• EXERCISE BRIEF:
The number of lines with the string "radius" in the listing below is all that should be reported.

• SUPPLIED DATA:
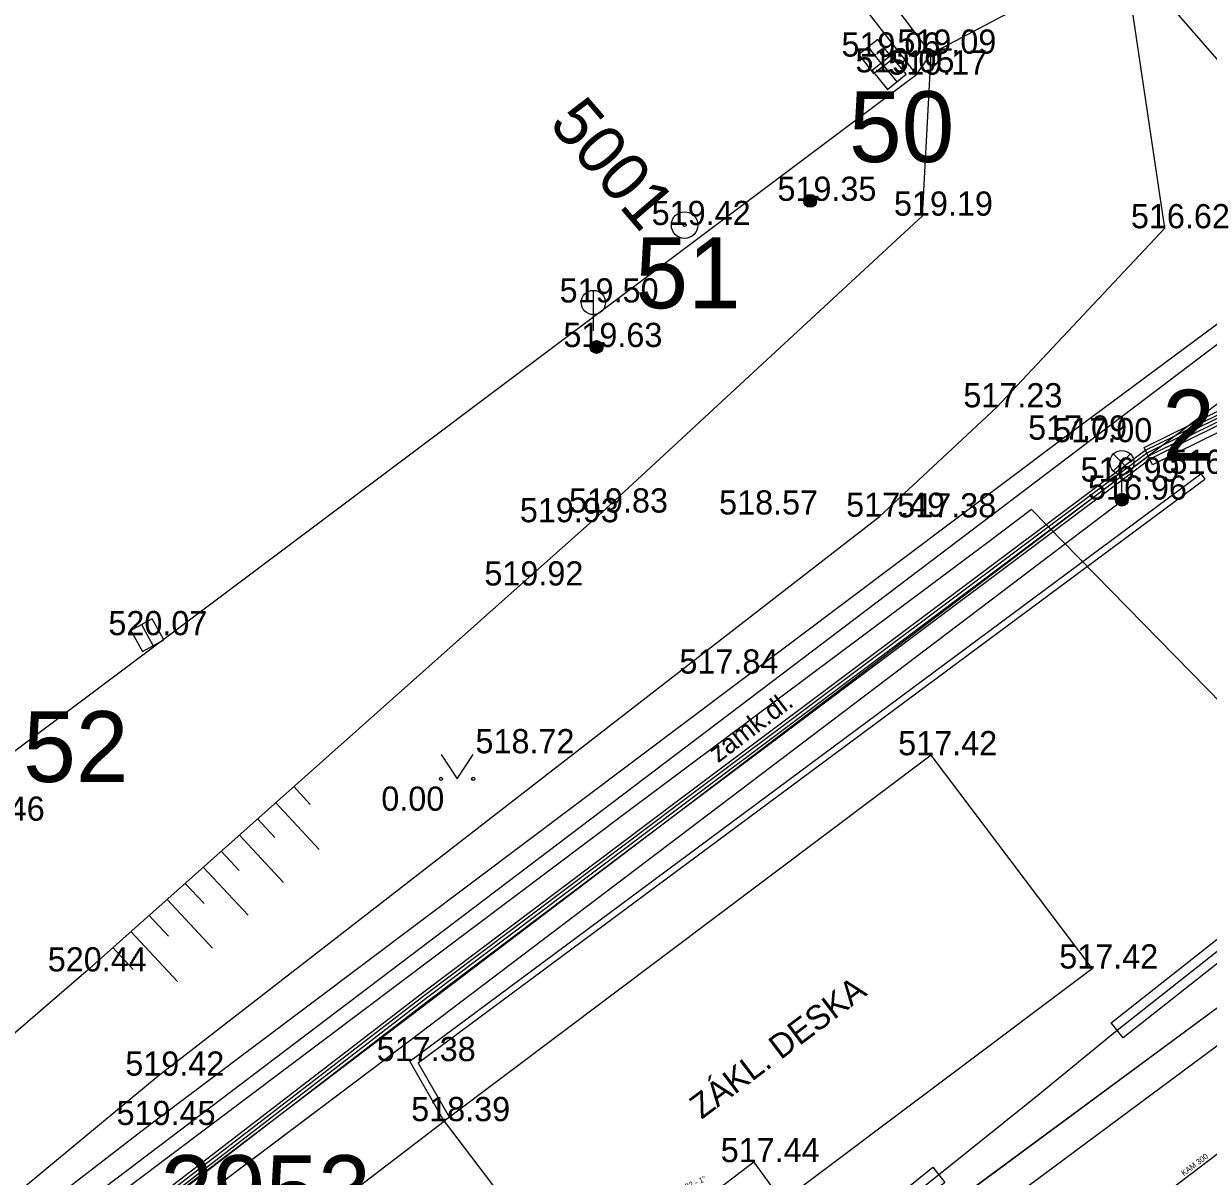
# Model space of a CAD drawing. Extents: x -668867 to -667827, y -1131943 to -1131019.
# Drawn here: x -668454.24 to -668417.53, y -1131357.42 to -1131321.7 of the extents above; entities that cross this region are included whole.
import ezdxf

# ---------------------------------------------------------------- set-up
doc = ezdxf.new("R2010")
doc.units = 0
for name, color, linetype in [('G_Bod_tecka', 7, 'Continuous'), ('G_Bod_vyska', 7, 'Continuous'), ('G_Bodove_pole', 7, 'Continuous'), ('G_Breh_Teren', 7, 'Continuous'), ('G_Budovy_Objekty', 7, 'Continuous'), ('G_Objekty_technicke', 7, 'Continuous'), ('G_Plochy_zpevnene', 7, 'Continuous'), ('G_Ploty', 7, 'Continuous'), ('G_Popisy_objektu', 7, 'Continuous'), ('G_Popisy_povrchu', 7, 'Continuous'), ('G_Site-kanalizace', 7, 'Continuous'), ('G_Site-Sloupy', 7, 'Continuous'), ('G_Vyskove_srafy', 7, 'Continuous'), ('G_Z_CHRANICKA-TEPLOVOD_kotovane', 7, 'Continuous'), ('G_Z_ELsilove_podz_kotovane', 7, 'Continuous'), ('G_Z_KANAL_podz_kotovane', 7, 'Continuous'), ('G_Z_SPOJE_podz_geodeticky', 7, 'Continuous'), ('G_Z_SPOJE_podz_kotovane', 7, 'Continuous'), ('G_Z_SPOJE_podz_priblizne', 7, 'Continuous'), ('G_Zelen-okraj', 7, 'Continuous'), ('G_Zelen-Znacky', 7, 'Continuous'), ('Vrstva 1', 7, 'Continuous'), ('Vrstva 16', 7, 'Continuous'), ('Vrstva 17', 7, 'Continuous'), ('Vrstva 3', 7, 'Continuous'), ('Vrstva 4', 7, 'Continuous')]:
    doc.layers.add(name, color=color, linetype=linetype)

msp = doc.modelspace()

# ---------------------------------------------------------------- linework, layer by layer
at = {"layer": 'G_Bod_tecka'}
for p, q in [((-668427.84, -1131322.72), (-668427.84, -1131322.72)), ((-668426.12, -1131322.63), (-668426.12, -1131322.63)), ((-668427.42, -1131323.21), (-668427.42, -1131323.21)), ((-668426.57, -1131323.28), (-668426.57, -1131323.28)), ((-668429.87, -1131327.19), (-668429.87, -1131327.19)), ((-668426.39, -1131327.65), (-668426.39, -1131327.65)), ((-668433.76, -1131327.94), (-668433.76, -1131327.94)), ((-668418.88, -1131328.04), (-668418.88, -1131328.04)), ((-668436.59, -1131330.34), (-668436.59, -1131330.34)), ((-668436.49, -1131331.72), (-668436.49, -1131331.72)), ((-668424.1, -1131333.59), (-668424.1, -1131333.59)), ((-668422.07, -1131334.59), (-668422.07, -1131334.59)), ((-668421.27, -1131334.67), (-668421.27, -1131334.67)), ((-668417.76, -1131335.65), (-668417.76, -1131335.65)), ((-668420.45, -1131335.89), (-668420.45, -1131335.89)), ((-668420.21, -1131336.45), (-668420.21, -1131336.45)), ((-668436.33, -1131336.85), (-668436.33, -1131336.85)), ((-668431.67, -1131336.91), (-668431.67, -1131336.91)), ((-668437.84, -1131337.15), (-668437.84, -1131337.15)), ((-668427.73, -1131336.98), (-668427.73, -1131336.98)), ((-668426.15, -1131337), (-668426.15, -1131337)), ((-668438.95, -1131339.11), (-668438.95, -1131339.11)), ((-668450.41, -1131340.65), (-668450.41, -1131340.65)), ((-668432.9, -1131341.84), (-668432.9, -1131341.84)), ((-668439.22, -1131344.31), (-668439.22, -1131344.31)), ((-668426.12, -1131344.37), (-668426.12, -1131344.37)), ((-668442.38, -1131346.09), (-668442.38, -1131346.09)), ((-668452.31, -1131351.07), (-668452.31, -1131351.07)), ((-668421.13, -1131350.98), (-668421.13, -1131350.98)), ((-668442.28, -1131353.85), (-668442.28, -1131353.85)), ((-668450.07, -1131354.3), (-668450.07, -1131354.3)), ((-668450.34, -1131355.83), (-668450.34, -1131355.83)), ((-668441.21, -1131355.71), (-668441.21, -1131355.71)), ((-668431.62, -1131356.98), (-668431.62, -1131356.98))]:
    msp.add_line(p, q, dxfattribs=at)
at = {"layer": 'G_Bodove_pole'}
for radius in [0.412, 0.05]:
    msp.add_circle((-668433.76, -1131327.94), radius, dxfattribs=at)
at = {"layer": 'G_Breh_Teren'}
for p, q in [((-668420.15, -1131319.48), (-668426.12, -1131322.63)), ((-668418.88, -1131328.04), (-668420.15, -1131319.48)), ((-668426.39, -1131327.65), (-668426.12, -1131322.63)), ((-668426.39, -1131327.65), (-668436.33, -1131336.85)), ((-668424.1, -1131333.59), (-668418.88, -1131328.04))]:
    msp.add_line(p, q, dxfattribs=at)
for points in [[(-668444.94, -1131289.13), (-668420.15, -1131319.48), (-668412.92, -1131327.79)], [(-668450.07, -1131354.3), (-668427.73, -1131336.98), (-668424.1, -1131333.59)], [(-668436.33, -1131336.85), (-668452.31, -1131351.07)], [(-668452.31, -1131351.07), (-668462.4, -1131359.77)], [(-668463.72, -1131365.62), (-668450.07, -1131354.3)]]:
    msp.add_lwpolyline(points, dxfattribs=at)
at = {"layer": 'G_Budovy_Objekty'}
for p, q in [((-668426.12, -1131344.37), (-668441.05, -1131355.59)), ((-668421.13, -1131350.98), (-668426.12, -1131344.37)), ((-668430.74, -1131358.19), (-668421.13, -1131350.98)), ((-668441.05, -1131355.59), (-668441.21, -1131355.71)), ((-668446.53, -1131359.77), (-668441.21, -1131355.71)), ((-668441.21, -1131355.71), (-668437.08, -1131361.13)), ((-668431.62, -1131356.98), (-668437.08, -1131361.13)), ((-668431.62, -1131356.98), (-668430.74, -1131358.19))]:
    msp.add_line(p, q, dxfattribs=at)
at = {"layer": 'G_Objekty_technicke'}
for p, q in [((-668420.475, -1131335.035), (-668419.945, -1131335.565)), ((-668420.475, -1131335.565), (-668419.945, -1131335.035)), ((-668420.21, -1131336.45), (-668420.21, -1131335.675))]:
    msp.add_line(p, q, dxfattribs=at)
for centre, radius in [((-668420.21, -1131335.3), 0.375), ((-668420.21, -1131336.45), 0.2), ((-668420.21, -1131336.45), 0.18), ((-668420.21, -1131336.45), 0.16), ((-668420.21, -1131336.45), 0.14), ((-668420.21, -1131336.45), 0.12), ((-668420.21, -1131336.45), 0.1), ((-668420.21, -1131336.45), 0.08), ((-668420.21, -1131336.45), 0.06), ((-668420.21, -1131336.45), 0.04), ((-668420.21, -1131336.45), 0.02)]:
    msp.add_circle(centre, radius, dxfattribs=at)
at = {"layer": 'G_Plochy_zpevnene'}
for p, q in [((-668426.57, -1131323.28), (-668451.14, -1131291.49)), ((-668459.59, -1131348.03), (-668426.57, -1131323.28)), ((-668421.27, -1131334.67), (-668413.27, -1131328.61)), ((-668452.45, -1131358.3), (-668421.27, -1131334.67))]:
    msp.add_line(p, q, dxfattribs=at)
for points in [[(-668471.22, -1131375.53), (-668471.27, -1131375.4), (-668471.32, -1131375.27), (-668471.41, -1131375), (-668471.47, -1131374.72), (-668471.46, -1131374.62), (-668471.4, -1131374.53), (-668466.42, -1131370.71), (-668458.94, -1131365.07), (-668451.47, -1131359.44), (-668435.96, -1131347.66), (-668420.45, -1131335.89), (-668416.42, -1131332.85), (-668412.39, -1131329.82), (-668412.03, -1131329.52), (-668411.55, -1131329.02), (-668411.14, -1131328.44), (-668410.88, -1131327.93), (-668410.6, -1131327.13), (-668410.44, -1131326.31), (-668410.31, -1131325.31), (-668410.21, -1131324.31), (-668410.1, -1131322.85), (-668410, -1131321.36)], [(-668465.92, -1131374.12), (-668464.55, -1131376.3), (-668463.18, -1131378.48), (-668462.4, -1131379.39), (-668461.68, -1131379.96), (-668460.46, -1131380.64), (-668459.19, -1131381.14), (-668457.59, -1131381.48), (-668456.31, -1131381.52), (-668455.36, -1131381.42), (-668453.99, -1131381.05), (-668452.79, -1131380.38), (-668440.56, -1131371), (-668428.37, -1131361.62), (-668415.94, -1131352.39)]]:
    msp.add_lwpolyline(points, dxfattribs=at)
at = {"layer": 'G_Ploty'}
for p, q in [((-668412.92, -1131327.79), (-668422.07, -1131334.59)), ((-668422.07, -1131334.59), (-668450.34, -1131355.83)), ((-668442.28, -1131353.85), (-668417.76, -1131335.65)), ((-668442.02, -1131353.9), (-668417.64, -1131335.81)), ((-668417.76, -1131335.65), (-668417.64, -1131335.81)), ((-668441.21, -1131355.71), (-668442.28, -1131353.85)), ((-668441.05, -1131355.59), (-668442.02, -1131353.9)), ((-668450.34, -1131355.83), (-668454.07, -1131358.7))]:
    msp.add_line(p, q, dxfattribs=at)
at = {"layer": 'G_Site-kanalizace'}
for p, q in [((-668428.068, -1131322.423), (-668427.612, -1131323.017)), ((-668427.657, -1131322.919), (-668427.183, -1131323.501)), ((-668436.59, -1131329.965), (-668436.59, -1131331.215)), ((-668450.591, -1131340.322), (-668450.229, -1131340.978))]:
    msp.add_line(p, q, dxfattribs=at)
for points in [[(-668428.365, -1131322.65), (-668427.908, -1131323.245), (-668427.313, -1131322.788), (-668427.77, -1131322.194)], [(-668427.947, -1131323.156), (-668427.473, -1131323.737), (-668426.892, -1131323.263), (-668427.366, -1131322.682)], [(-668450.919, -1131340.503), (-668450.556, -1131341.159), (-668449.9, -1131340.797), (-668450.262, -1131340.14)]]:
    msp.add_lwpolyline(points, close=True, dxfattribs=at)
msp.add_circle((-668436.59, -1131330.34), 0.375, dxfattribs=at)
at = {"layer": 'G_Site-Sloupy'}
for centre, radius in [((-668429.87, -1131327.19), 0.2), ((-668429.87, -1131327.19), 0.18), ((-668429.87, -1131327.19), 0.16), ((-668429.87, -1131327.19), 0.14), ((-668429.87, -1131327.19), 0.12), ((-668429.87, -1131327.19), 0.1), ((-668429.87, -1131327.19), 0.08), ((-668429.87, -1131327.19), 0.06), ((-668429.87, -1131327.19), 0.04), ((-668429.87, -1131327.19), 0.02), ((-668436.49, -1131331.72), 0.2), ((-668436.49, -1131331.72), 0.18), ((-668436.49, -1131331.72), 0.16), ((-668436.49, -1131331.72), 0.14), ((-668436.49, -1131331.72), 0.12), ((-668436.49, -1131331.72), 0.1), ((-668436.49, -1131331.72), 0.08), ((-668436.49, -1131331.72), 0.06), ((-668436.49, -1131331.72), 0.04), ((-668436.49, -1131331.72), 0.02)]:
    msp.add_circle(centre, radius, dxfattribs=at)
at = {"layer": 'G_Vyskove_srafy'}
for points in [[(-668445.87, -1131345.34), (-668445.36, -1131345.9)], [(-668446.43, -1131345.84), (-668445.09, -1131347.29)], [(-668447, -1131346.34), (-668446.46, -1131346.92)], [(-668447.56, -1131346.84), (-668446.19, -1131348.31)], [(-668448.12, -1131347.34), (-668447.56, -1131347.94)], [(-668448.68, -1131347.84), (-668447.29, -1131349.33)], [(-668449.24, -1131348.34), (-668448.65, -1131348.96)], [(-668449.8, -1131348.84), (-668448.39, -1131350.35)], [(-668450.36, -1131349.33), (-668449.75, -1131349.98)], [(-668450.92, -1131349.83), (-668449.48, -1131351.38)], [(-668451.48, -1131350.33), (-668450.85, -1131351.01)]]:
    msp.add_lwpolyline(points, dxfattribs=at)
at = {"layer": 'G_Z_CHRANICKA-TEPLOVOD_kotovane'}
for points in [[(-668419.523, -1131334.831), (-668417.302, -1131333.736), (-668412.617, -1131331.858), (-668410.451, -1131330.705), (-668410.169, -1131331.235), (-668412.363, -1131332.402), (-668417.058, -1131334.284), (-668419.258, -1131335.369)], [(-668420.54, -1131352.66), (-668416.13, -1131349.18), (-668415.76, -1131349.65), (-668420.17, -1131353.13)], [(-668427.04, -1131357.92), (-668426.07, -1131357.14), (-668425.7, -1131357.61), (-668426.65, -1131358.37)]]:
    msp.add_lwpolyline(points, close=True, dxfattribs=at)
at = {"layer": 'G_Z_ELsilove_podz_kotovane'}
for points in [[(-668494.41, -1131391.75), (-668478.47, -1131379.83), (-668465.04, -1131369.67), (-668451.7, -1131359.67), (-668441.699, -1131351.97), (-668433.84, -1131346.05), (-668419.337, -1131335.186), (-668417.139, -1131334.101), (-668412.448, -1131332.221), (-668410.258, -1131331.055), (-668410.143, -1131330.975), (-668408.67, -1131331.02), (-668409.007, -1131332.159), (-668409.195, -1131332.794), (-668409.2, -1131332.81)], [(-668494.53, -1131391.59), (-668478.59, -1131379.67), (-668465.16, -1131369.51), (-668451.82, -1131359.51), (-668441.821, -1131351.81), (-668433.96, -1131345.89), (-668419.443, -1131335.014), (-668417.221, -1131333.919)], [(-668481.34, -1131382.71), (-668481.03, -1131382.77), (-668476.09, -1131378.96), (-668471.5, -1131375.07), (-668455.99, -1131363.54), (-668451.34, -1131360.04), (-668451.21, -1131360.16), (-668450.98, -1131359.77), (-668443.26, -1131353.95), (-668420.16, -1131336.44)], [(-668412.627, -1131340.614), (-668412.79, -1131340.51), (-668412.86, -1131340.58), (-668412.9, -1131340.83), (-668412.6, -1131341.33), (-668412.22, -1131341.94), (-668411.18, -1131344.03), (-668411.04, -1131344.82), (-668411.79, -1131345.95), (-668415.95, -1131349.42), (-668420.36, -1131352.9), (-668422.81, -1131354.91), (-668425.89, -1131357.38), (-668426.85, -1131358.15), (-668427.86, -1131359.14), (-668428.44, -1131359.64), (-668432.2, -1131362.5), (-668434.18, -1131364.45), (-668434.43, -1131364.62)], [(-668481.09, -1131383.01), (-668475.88, -1131379.08), (-668471.3, -1131375.22), (-668466.7, -1131371.76), (-668465.5, -1131373.86), (-668462.77, -1131378.18), (-668462.05, -1131379.03), (-668461.4, -1131379.54), (-668460.24, -1131380.19), (-668459.04, -1131380.66), (-668456.85, -1131380.87), (-668456.2, -1131380.51), (-668453.9, -1131380.01), (-668438.8, -1131368.51), (-668429.34, -1131361.09), (-668429.01, -1131361.05), (-668428.77, -1131360.69), (-668416.81, -1131351.87)]]:
    msp.add_lwpolyline(points, dxfattribs=at)
at = {"layer": 'G_Z_KANAL_podz_kotovane'}
msp.add_lwpolyline([(-668435.33, -1131370.85), (-668423.67, -1131361.6), (-668397.41, -1131341.65)], dxfattribs=at)
at = {"layer": 'G_Z_SPOJE_podz_geodeticky'}
for points in [[(-668389.3, -1131329.36), (-668412.32, -1131346.28), (-668413.63, -1131346.33), (-668423.01, -1131336.76), (-668424.32, -1131337.75)], [(-668424.32, -1131337.75), (-668435.52, -1131346.11), (-668507.6, -1131400.32), (-668511.51, -1131403.44)]]:
    msp.add_lwpolyline(points, dxfattribs=at)
at = {"layer": 'G_Z_SPOJE_podz_kotovane'}
for points in [[(-668494.591, -1131391.51), (-668478.65, -1131379.59), (-668465.221, -1131369.43), (-668451.881, -1131359.43), (-668441.881, -1131351.731), (-668434.02, -1131345.81), (-668419.495, -1131334.929), (-668417.261, -1131333.827), (-668412.575, -1131331.949), (-668410.415, -1131330.799), (-668408.642, -1131329.567), (-668405.565, -1131328.068), (-668399.165, -1131323.237), (-668396.997, -1131323.98), (-668395.942, -1131324.753), (-668391.337, -1131330.212), (-668386.339, -1131336.301), (-668385.475, -1131337.602), (-668385.291, -1131339.586), (-668385.192, -1131341.738), (-668384.497, -1131342.843), (-668373.735, -1131355.834), (-668366.491, -1131364.82), (-668361.978, -1131371.193)], [(-668494.47, -1131391.67), (-668478.53, -1131379.75), (-668465.1, -1131369.59), (-668451.76, -1131359.59), (-668441.76, -1131351.89), (-668433.9, -1131345.97), (-668419.39, -1131335.1), (-668417.18, -1131334.01), (-668412.49, -1131332.13), (-668410.31, -1131330.97), (-668408.54, -1131329.74), (-668405.46, -1131328.24), (-668399.13, -1131323.46), (-668397.09, -1131324.16), (-668396.08, -1131324.9), (-668391.49, -1131330.34), (-668386.5, -1131336.42), (-668385.67, -1131337.67), (-668385.49, -1131339.6), (-668385.39, -1131341.8), (-668384.66, -1131342.96), (-668373.89, -1131355.96), (-668366.65, -1131364.94), (-668362.14, -1131371.31)], [(-668494.47, -1131391.67), (-668478.53, -1131379.75), (-668465.1, -1131369.59), (-668451.76, -1131359.59), (-668441.76, -1131351.89), (-668433.9, -1131345.97), (-668419.39, -1131335.1), (-668417.18, -1131334.01), (-668412.49, -1131332.13), (-668410.31, -1131330.97), (-668408.54, -1131329.74), (-668405.46, -1131328.24), (-668399.13, -1131323.46), (-668397.09, -1131324.16), (-668396.08, -1131324.9), (-668391.49, -1131330.34), (-668386.5, -1131336.42), (-668385.67, -1131337.67), (-668385.49, -1131339.6), (-668385.39, -1131341.8), (-668384.66, -1131342.96), (-668373.89, -1131355.96), (-668366.65, -1131364.94), (-668362.14, -1131371.31)], [(-668389.3, -1131329.36), (-668412.32, -1131346.28), (-668413.63, -1131346.33), (-668423.01, -1131336.76), (-668424.32, -1131337.75)], [(-668424.32, -1131337.75), (-668435.52, -1131346.11), (-668507.6, -1131400.32), (-668511.51, -1131403.44)]]:
    msp.add_lwpolyline(points, dxfattribs=at)
at = {"layer": 'G_Z_SPOJE_podz_priblizne'}
for points in [[(-668389.3, -1131329.36), (-668412.32, -1131346.28), (-668413.63, -1131346.33), (-668423.01, -1131336.76), (-668424.32, -1131337.75)], [(-668424.32, -1131337.75), (-668435.52, -1131346.11), (-668507.6, -1131400.32), (-668511.51, -1131403.44)]]:
    msp.add_lwpolyline(points, dxfattribs=at)
at = {"layer": 'G_Zelen-okraj'}
for p, q in [((-668426.12, -1131322.63), (-668430.27, -1131317.14)), ((-668426.57, -1131323.28), (-668426.12, -1131322.63))]:
    msp.add_line(p, q, dxfattribs=at)
at = {"layer": 'G_Zelen-Znacky'}
for p, q in [((-668441.31, -1131344.351), (-668440.81, -1131345.1)), ((-668440.81, -1131345.1), (-668440.31, -1131344.351))]:
    msp.add_line(p, q, dxfattribs=at)
for centre in [(-668441.31, -1131345.101), (-668440.31, -1131345.101)]:
    msp.add_circle(centre, 0.05, dxfattribs=at)
at = {"layer": 'Vrstva 1'}
for p, q in [((-668429.87, -1131327.19), (-668429.87, -1131327.19)), ((-668436.49, -1131331.72), (-668436.49, -1131331.72)), ((-668420.16, -1131336.44), (-668420.16, -1131336.44))]:
    msp.add_line(p, q, dxfattribs=at)
at = {"layer": 'Vrstva 16'}
msp.add_lwpolyline([(-668435.33, -1131370.85), (-668423.67, -1131361.6), (-668397.41, -1131341.65)], dxfattribs=at)
at = {"layer": 'Vrstva 17'}
for p, q in [((-668443.26, -1131353.95), (-668420.16, -1131336.44)), ((-668428.77, -1131360.69), (-668416.81, -1131351.87)), ((-668450.98, -1131359.77), (-668443.26, -1131353.95))]:
    msp.add_line(p, q, dxfattribs=at)

# ---------------------------------------------------------------- texts
at = {"layer": 'G_Bod_vyska'}
for s, p in [('519.09', (-668427.168, -1131322.63)), ('519.06', (-668428.9, -1131322.72)), ('519.05', (-668428.466, -1131323.21)), ('519.17', (-668427.453, -1131323.28)), ('519.35', (-668430.884, -1131327.19)), ('519.19', (-668427.274, -1131327.65)), ('519.42', (-668434.782, -1131327.94)), ('516.62', (-668419.93, -1131328.04)), ('519.50', (-668437.636, -1131330.34)), ('519.63', (-668437.518, -1131331.72)), ('517.23', (-668425.122, -1131333.59)), ('517.09', (-668423.116, -1131334.59)), ('517.00', (-668422.336, -1131334.67)), ('516.91', (-668418.736, -1131335.65)), ('516.99', (-668421.49, -1131335.89)), ('516.96', (-668421.262, -1131336.45)), ('519.83', (-668437.344, -1131336.85)), ('518.57', (-668432.692, -1131336.91)), ('519.93', (-668438.866, -1131337.15)), ('517.49', (-668428.754, -1131336.98)), ('517.38', (-668427.172, -1131337)), ('519.92', (-668439.966, -1131339.11)), ('520.07', (-668451.617, -1131340.65)), ('517.84', (-668433.922, -1131341.84)), ('518.72', (-668440.242, -1131344.31)), ('517.42', (-668427.142, -1131344.37)), ('0.00', (-668443.16, -1131346.09)), ('520.46', (-668456.659, -1131346.4)), ('520.44', (-668453.496, -1131351.07)), ('517.42', (-668422.152, -1131350.98)), ('517.38', (-668443.302, -1131353.85)), ('519.42', (-668451.094, -1131354.3)), ('519.45', (-668451.364, -1131355.83)), ('518.39', (-668442.234, -1131355.71)), ('517.44', (-668432.642, -1131356.98))]:
    msp.add_text(s, height=0.75, dxfattribs=at).set_placement(p)
at = {"layer": 'G_Bodove_pole'}
msp.add_text('5001', height=1.5, rotation=310.5784, dxfattribs=at).set_placement((-668437.999, -1131324.819))
at = {"layer": 'G_Popisy_objektu'}
msp.add_text('ZÁKL. DESKA', height=0.75, rotation=36.9672, dxfattribs=at).set_placement((-668433.234, -1131355.668))
at = {"layer": 'G_Popisy_povrchu'}
msp.add_text('zamk.dl.', height=0.6, rotation=37.2055, dxfattribs=at).set_placement((-668432.722, -1131344.623))
at = {"layer": 'Vrstva 3'}
msp.add_text('KAM 300', height=0.1755, rotation=37.198, dxfattribs=at).set_placement((-668418.286, -1131357.42))
at = {"layer": 'Vrstva 4'}
for s, p in [('50', (-668428.667, -1131325.988)), ('51', (-668435.287, -1131330.519)), ('2952', (-668418.957, -1131335.239)), ('52', (-668454.257, -1131345.199)), ('2953', (-668450.007, -1131358.959))]:
    msp.add_text(s, height=2.1939, dxfattribs=at).set_placement(p)
msp.add_text('lPE 32 - 1"', height=0.17551, rotation=23.7741, dxfattribs=at).set_placement((-668434.097, -1131358.007))

doc.saveas('drawing.dxf')

• SOLUTION:
6